Formal Analysis of the Sigmoid Function and Formal Proof of the Universal Approximation Theorem
Dustin Bryant, Jim Woodcock, Simon Foster
TL;DR
The paper tackles the problem of formalizing the expressive power of neural networks with sigmoidal activation by producing a fully mechanized, constructive proof of the Universal Approximation Theorem in Isabelle/HOL. It builds a reusable theory of the sigmoid, including a closed-form $n$-th derivative via Stirling numbers, and introduces a practical ε–N style limit framework to support rigorous real-analysis reasoning. The main contributions are a machine-checked UAT and an accompanying sigmoidal calculus that extends formal verification tools for AI, enabling executable witnesses and integration into verified AI pipelines. The work strengthens the foundations of trustworthy AI by bridging symbolic and subsymbolic methods and providing reusable formal libraries for future research.
Abstract
This paper presents a formalized analysis of the sigmoid function and a fully mechanized proof of the Universal Approximation Theorem (UAT) in Isabelle/HOL, a higher-order logic theorem prover.
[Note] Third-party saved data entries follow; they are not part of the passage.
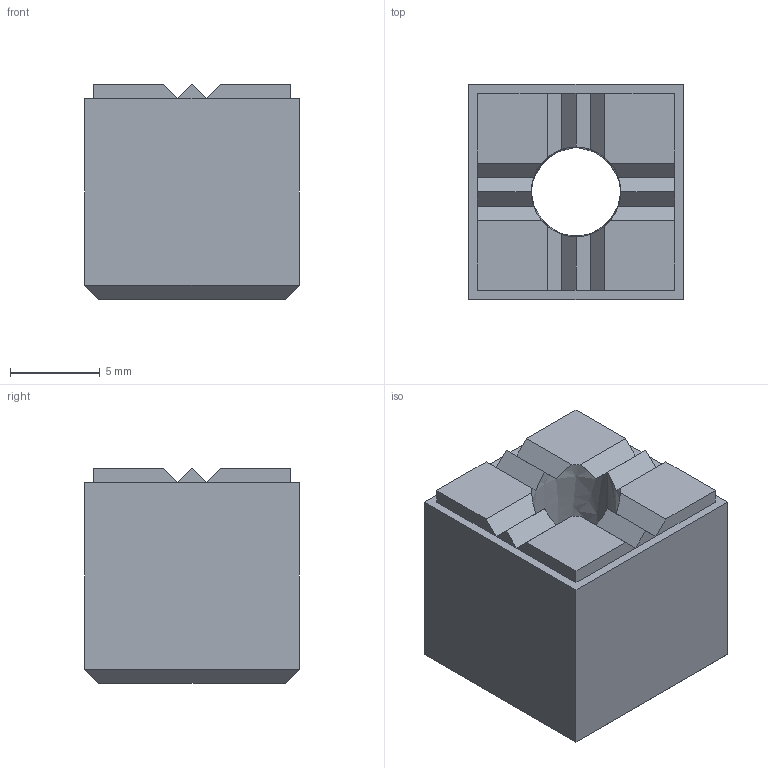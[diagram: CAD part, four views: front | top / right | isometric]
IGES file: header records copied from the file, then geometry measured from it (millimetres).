
Start section: SolidWorks IGES FILE using analytic representation for surfaces
Global section: file name: C:\WIX2\Positioning\3546\3546W004.igs; native system: SolidWorks 2003 by SolidWorks Corporation; preprocessor: Version 5.3; author: Joan; date: 030722.143903; units: millimetre
Bounding box: 12 x 12 x 12 mm (x, y, z)
Surface area: 992.7 mm2 (no closed solid volume)
Topology: 0 solids, 0 shells, 44 faces, 270 edges, 270 vertices
Faces by surface type: bspline 42, revolution 2

The sigmoid function plays a fundamental role in neural networks; yet, its formal properties, such as differentiability, higher-order derivatives, and limit behavior, have not previously been comprehensively mechanized in a proof assistant. We present a rigorous formalization of the sigmoid function, proving its monotonicity, smoothness, and higher-order derivatives. We provide a constructive proof of the UAT, demonstrating that neural networks with sigmoidal activation functions can approximate any continuous function on a compact interval. Our work identifies and addresses gaps in Isabelle/HOL's formal proof libraries and introduces simpler methods for reasoning about the limits of real functions. By exploiting theorem proving for AI verification, our work enhances trust in neural networks and contributes to the broader goal of verified and trustworthy machine learning.